Zherka, confused by the Judge’s dismissals, told this reporter, “There is so much evidence in our pleadings the case is a poster child for Iqbal.” He indicated that he was “definitely appealing the dismissals to the Second Circuit”, where he was confident they would be reversed, but, that he was “prepared, if necessary, to go all the way to the Supreme Court.” Additionally, he indicated he would be bringing an action against each of the defendants, individually, for Defamation and Slander in State Court.

Analysis:
Iqbal, a 5-4 decision authored by Justice Anthony Kennedy, is by far and away the most telling and potentially destructive outcome to date to come from the Supreme Court’s Conservative Majority established under President George W. Bush.
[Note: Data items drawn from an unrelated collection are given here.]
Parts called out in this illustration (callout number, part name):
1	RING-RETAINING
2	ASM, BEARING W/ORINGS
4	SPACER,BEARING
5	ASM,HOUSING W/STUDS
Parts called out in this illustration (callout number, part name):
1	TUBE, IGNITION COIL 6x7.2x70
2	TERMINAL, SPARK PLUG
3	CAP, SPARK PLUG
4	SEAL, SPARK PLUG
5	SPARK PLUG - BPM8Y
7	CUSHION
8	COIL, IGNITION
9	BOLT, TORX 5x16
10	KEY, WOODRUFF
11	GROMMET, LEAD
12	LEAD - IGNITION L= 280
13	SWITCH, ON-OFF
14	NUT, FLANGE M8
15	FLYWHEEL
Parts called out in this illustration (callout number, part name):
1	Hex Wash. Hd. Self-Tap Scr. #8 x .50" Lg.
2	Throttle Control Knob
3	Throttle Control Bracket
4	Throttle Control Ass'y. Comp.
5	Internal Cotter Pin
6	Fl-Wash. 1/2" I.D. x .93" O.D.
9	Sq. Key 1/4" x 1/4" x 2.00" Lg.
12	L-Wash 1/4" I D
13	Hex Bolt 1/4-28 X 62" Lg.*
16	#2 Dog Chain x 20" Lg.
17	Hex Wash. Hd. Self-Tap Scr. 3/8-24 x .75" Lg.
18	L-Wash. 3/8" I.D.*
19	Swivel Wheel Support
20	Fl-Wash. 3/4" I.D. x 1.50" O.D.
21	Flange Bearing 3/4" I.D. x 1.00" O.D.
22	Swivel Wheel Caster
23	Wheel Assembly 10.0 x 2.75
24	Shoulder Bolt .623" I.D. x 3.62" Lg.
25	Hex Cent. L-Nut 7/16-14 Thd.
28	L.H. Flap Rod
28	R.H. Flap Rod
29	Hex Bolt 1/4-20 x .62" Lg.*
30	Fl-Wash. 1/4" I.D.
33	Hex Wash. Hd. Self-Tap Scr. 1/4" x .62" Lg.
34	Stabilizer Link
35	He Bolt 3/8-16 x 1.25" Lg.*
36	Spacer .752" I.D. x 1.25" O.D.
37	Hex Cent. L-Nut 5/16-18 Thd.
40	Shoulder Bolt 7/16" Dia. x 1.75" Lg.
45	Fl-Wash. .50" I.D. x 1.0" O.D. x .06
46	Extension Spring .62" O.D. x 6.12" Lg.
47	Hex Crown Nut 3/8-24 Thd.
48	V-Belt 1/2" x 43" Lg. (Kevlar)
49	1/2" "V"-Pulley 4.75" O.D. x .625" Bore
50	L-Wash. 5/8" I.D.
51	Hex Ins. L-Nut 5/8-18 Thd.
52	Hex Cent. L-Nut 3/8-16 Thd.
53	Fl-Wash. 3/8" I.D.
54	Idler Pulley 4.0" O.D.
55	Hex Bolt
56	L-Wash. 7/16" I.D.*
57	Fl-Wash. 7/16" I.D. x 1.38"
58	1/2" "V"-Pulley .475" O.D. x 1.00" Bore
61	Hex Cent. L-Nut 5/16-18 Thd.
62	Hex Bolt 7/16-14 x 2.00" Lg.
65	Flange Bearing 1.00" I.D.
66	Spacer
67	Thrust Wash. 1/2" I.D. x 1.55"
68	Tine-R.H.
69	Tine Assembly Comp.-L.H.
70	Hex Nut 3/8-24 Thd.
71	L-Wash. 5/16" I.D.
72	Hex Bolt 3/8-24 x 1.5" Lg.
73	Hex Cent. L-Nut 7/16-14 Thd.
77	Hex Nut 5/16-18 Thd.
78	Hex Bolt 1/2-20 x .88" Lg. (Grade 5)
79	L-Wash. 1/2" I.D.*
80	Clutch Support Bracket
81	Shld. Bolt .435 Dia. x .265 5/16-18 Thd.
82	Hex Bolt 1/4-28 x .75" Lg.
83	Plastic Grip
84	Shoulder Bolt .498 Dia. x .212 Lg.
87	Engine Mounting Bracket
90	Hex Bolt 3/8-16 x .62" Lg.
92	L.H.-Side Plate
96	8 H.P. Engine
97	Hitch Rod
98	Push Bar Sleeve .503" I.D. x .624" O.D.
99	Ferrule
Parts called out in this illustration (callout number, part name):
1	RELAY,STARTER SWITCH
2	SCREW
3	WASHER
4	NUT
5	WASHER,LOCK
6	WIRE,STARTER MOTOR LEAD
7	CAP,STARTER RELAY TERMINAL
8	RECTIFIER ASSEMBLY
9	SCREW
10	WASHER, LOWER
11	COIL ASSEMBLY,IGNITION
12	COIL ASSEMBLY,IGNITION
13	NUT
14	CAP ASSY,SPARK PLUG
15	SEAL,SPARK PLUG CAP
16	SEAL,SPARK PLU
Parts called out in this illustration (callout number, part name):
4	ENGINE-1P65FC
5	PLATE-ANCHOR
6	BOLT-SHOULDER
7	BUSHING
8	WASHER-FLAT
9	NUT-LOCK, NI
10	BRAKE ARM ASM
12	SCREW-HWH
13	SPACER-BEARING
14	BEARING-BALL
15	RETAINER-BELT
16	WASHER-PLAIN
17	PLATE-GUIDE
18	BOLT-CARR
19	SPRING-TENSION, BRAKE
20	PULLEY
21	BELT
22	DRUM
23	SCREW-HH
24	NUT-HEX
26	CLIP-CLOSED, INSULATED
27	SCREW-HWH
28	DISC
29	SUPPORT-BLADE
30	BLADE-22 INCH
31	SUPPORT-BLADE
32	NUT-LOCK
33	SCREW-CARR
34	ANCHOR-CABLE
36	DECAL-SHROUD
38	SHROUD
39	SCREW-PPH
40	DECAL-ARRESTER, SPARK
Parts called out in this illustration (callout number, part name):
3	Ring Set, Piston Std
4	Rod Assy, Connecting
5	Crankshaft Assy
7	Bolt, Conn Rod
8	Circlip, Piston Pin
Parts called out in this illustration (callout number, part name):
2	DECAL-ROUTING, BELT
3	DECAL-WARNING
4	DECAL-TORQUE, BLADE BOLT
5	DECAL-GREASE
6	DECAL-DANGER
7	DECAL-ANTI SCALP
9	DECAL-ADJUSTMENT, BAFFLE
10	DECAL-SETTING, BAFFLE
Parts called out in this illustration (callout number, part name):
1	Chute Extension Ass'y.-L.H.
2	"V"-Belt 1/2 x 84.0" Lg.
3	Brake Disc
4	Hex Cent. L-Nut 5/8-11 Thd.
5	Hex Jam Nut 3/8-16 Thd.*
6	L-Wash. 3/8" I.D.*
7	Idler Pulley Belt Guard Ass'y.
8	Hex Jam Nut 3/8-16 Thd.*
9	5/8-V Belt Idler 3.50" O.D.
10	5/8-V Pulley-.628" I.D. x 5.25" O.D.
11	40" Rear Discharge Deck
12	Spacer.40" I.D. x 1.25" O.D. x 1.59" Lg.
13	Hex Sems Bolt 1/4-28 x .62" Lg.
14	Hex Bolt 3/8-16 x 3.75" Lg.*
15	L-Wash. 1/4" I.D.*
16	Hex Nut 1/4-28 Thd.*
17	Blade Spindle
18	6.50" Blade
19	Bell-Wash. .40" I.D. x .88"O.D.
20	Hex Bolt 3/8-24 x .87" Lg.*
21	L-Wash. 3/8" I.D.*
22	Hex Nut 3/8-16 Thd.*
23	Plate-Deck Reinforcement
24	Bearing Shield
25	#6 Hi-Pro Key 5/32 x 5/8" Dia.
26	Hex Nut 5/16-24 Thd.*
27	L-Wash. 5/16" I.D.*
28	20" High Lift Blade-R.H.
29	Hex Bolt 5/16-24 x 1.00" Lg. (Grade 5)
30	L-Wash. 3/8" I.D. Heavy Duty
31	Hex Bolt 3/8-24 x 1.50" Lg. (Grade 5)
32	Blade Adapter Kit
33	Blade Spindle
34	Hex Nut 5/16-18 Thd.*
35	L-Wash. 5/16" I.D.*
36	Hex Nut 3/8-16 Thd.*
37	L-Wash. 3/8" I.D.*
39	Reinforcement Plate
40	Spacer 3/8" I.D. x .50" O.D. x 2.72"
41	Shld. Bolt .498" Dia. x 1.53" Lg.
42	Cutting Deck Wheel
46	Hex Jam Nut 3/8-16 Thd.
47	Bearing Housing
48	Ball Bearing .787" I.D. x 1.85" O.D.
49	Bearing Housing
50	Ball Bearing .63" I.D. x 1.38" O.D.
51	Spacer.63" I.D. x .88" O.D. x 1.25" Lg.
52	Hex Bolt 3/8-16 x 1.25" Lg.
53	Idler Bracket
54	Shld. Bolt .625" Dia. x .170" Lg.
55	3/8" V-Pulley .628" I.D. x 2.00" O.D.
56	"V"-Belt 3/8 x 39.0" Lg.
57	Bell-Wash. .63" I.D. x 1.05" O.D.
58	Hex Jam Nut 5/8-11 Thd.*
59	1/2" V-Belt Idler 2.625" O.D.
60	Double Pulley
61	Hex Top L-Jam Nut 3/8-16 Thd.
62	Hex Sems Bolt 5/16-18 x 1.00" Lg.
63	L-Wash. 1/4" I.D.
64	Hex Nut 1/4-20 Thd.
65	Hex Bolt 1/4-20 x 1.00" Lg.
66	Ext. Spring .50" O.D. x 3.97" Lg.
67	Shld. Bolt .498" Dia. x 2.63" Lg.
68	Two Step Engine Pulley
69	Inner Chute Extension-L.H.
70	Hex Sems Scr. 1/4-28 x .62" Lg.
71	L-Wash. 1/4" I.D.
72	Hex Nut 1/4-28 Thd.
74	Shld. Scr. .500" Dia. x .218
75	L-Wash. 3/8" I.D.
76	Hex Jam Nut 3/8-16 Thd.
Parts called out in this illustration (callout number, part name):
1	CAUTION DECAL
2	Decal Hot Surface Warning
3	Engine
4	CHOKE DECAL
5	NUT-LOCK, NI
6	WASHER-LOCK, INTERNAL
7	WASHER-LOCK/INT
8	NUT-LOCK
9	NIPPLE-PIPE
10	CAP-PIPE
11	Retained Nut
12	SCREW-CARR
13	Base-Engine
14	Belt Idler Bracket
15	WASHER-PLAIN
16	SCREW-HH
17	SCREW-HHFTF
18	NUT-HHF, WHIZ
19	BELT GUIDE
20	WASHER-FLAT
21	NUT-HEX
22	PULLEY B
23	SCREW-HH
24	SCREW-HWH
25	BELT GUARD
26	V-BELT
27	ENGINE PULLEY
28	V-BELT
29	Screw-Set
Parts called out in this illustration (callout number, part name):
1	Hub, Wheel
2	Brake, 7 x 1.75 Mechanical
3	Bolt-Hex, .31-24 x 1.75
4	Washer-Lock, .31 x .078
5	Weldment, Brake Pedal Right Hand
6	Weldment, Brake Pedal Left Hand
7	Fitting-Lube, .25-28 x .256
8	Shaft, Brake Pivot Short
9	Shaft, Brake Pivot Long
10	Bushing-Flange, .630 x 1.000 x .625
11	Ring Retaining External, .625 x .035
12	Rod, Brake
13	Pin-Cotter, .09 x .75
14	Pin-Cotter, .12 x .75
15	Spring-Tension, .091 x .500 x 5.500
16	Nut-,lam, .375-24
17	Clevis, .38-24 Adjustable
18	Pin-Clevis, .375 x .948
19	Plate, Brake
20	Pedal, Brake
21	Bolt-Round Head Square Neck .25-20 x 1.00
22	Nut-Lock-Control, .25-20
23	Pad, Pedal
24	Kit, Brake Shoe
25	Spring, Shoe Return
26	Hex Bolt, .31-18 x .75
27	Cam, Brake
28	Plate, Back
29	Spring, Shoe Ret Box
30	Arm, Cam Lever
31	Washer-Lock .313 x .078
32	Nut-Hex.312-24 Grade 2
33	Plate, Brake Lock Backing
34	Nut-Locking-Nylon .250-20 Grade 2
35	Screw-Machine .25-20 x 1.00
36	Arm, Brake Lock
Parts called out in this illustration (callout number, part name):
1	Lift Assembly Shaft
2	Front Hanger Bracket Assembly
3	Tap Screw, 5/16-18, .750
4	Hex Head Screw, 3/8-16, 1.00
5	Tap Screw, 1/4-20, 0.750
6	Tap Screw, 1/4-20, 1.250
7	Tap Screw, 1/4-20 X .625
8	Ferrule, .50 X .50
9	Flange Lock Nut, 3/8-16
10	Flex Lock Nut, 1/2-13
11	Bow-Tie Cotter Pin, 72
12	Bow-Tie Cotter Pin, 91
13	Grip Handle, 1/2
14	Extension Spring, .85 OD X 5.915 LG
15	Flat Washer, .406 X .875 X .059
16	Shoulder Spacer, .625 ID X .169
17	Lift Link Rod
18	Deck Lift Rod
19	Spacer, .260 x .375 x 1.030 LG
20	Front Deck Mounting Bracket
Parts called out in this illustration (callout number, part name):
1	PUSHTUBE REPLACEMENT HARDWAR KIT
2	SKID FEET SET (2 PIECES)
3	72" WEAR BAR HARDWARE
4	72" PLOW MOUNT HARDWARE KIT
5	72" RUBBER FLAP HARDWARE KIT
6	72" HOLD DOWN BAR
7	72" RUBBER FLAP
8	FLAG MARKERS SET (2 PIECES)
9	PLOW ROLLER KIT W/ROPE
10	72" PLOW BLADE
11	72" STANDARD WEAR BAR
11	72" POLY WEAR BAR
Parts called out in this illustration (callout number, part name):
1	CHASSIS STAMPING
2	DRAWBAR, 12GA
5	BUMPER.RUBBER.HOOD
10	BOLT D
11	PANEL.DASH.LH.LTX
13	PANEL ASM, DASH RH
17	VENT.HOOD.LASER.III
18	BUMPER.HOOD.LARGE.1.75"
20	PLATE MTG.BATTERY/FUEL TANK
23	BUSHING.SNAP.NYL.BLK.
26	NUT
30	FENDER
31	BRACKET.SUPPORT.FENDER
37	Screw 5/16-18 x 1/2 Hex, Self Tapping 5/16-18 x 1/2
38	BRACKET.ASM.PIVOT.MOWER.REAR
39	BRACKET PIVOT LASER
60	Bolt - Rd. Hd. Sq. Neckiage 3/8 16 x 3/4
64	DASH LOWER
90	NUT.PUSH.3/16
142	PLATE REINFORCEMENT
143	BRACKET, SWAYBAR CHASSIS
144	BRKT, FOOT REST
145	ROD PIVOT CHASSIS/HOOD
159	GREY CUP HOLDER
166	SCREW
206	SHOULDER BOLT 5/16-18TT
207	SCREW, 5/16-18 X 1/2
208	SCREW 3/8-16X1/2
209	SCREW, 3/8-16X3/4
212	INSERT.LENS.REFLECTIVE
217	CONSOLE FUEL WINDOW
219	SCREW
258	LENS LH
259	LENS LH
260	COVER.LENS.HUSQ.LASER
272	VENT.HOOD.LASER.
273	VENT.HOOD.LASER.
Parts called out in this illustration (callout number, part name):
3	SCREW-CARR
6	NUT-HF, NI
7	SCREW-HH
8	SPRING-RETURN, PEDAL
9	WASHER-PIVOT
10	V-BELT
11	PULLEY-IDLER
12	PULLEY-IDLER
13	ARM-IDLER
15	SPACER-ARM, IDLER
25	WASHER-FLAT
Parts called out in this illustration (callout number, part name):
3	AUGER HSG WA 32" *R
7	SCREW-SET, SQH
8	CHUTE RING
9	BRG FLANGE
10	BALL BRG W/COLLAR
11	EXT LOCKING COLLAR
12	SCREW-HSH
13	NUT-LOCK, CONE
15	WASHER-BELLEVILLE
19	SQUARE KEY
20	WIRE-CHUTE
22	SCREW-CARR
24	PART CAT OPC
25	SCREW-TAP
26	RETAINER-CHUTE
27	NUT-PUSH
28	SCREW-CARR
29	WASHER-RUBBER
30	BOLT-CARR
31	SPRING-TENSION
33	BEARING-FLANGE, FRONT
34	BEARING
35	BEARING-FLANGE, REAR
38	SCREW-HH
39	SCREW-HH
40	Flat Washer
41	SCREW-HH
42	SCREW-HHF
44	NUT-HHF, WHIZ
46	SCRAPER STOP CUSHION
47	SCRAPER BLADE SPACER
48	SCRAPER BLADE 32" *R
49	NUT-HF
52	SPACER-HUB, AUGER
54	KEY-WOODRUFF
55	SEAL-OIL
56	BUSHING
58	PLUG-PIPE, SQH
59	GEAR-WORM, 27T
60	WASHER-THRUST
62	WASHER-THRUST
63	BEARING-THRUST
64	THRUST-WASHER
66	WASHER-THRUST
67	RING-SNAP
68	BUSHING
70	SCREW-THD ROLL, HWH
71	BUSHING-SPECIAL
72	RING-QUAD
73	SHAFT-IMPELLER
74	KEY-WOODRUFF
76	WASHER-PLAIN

In writing the Majority Opinion, Kennedy declared, “Rule 8(a)(2) demands more than an unadorned the-defendant- unlawfully-harmed-me accusation and requires that a complaint be factually plausible.”

Mayer, Brown observed, “The decision in Iqbal thus suggests that a federal court no longer need draw factual inferences in favor of the complainant if it believes that a competing interpretation is more plausible.” Commenting just three days after the decision, they go on to say, “Although it remains to be seen whether lower federal courts will interpret Iqbal as abandoning Notice Pleading altogether, the opinion raises the pleading bar substantially and provides defendants with important ammunition to a Rule 12(b)(6) Motion to Dismiss for failing to state a claim.”

Now, seven months, and more than 1,500 Iqbal dismissals later, we recognize that Iqbal creates a pretrial screen by which the more egregious and outrageous the conduct pleaded and alleged, the more likely it will be dismissed based upon a particular judge’s experiences, associations, and prejudices, all combining to determine that which she will consider “plausible”.

Regrettably, just as we were beginning to make some headway against prosecutorial misconduct, and major governmental and corporate acts of Constitutional violation, we
find ourselves hog-tied by a “Conservative” majority in the Supreme Court whose decision was designed to slow, if not interdict altogether, the process of uncovering unlawful actors, both in government and corporate enterprise.

In the meantime, Mike Edelman, whose malicious obsession with, and activity on, the blogosphere, is undisputed, continues to defame and malign publisher Sam Zherka as if having been granted a license to continue doing so by the decision of Judge Seibel.

His verbal graffiti, easily identified by other bloggers, can be found on the blogs of complicit media sources. And, of course, he continues to run his mouth frequently on News12 where he masquerades as a Republican commentator, a claim Doug Colety, Chairman of the Westchester Republican Party, has repeatedly refuted.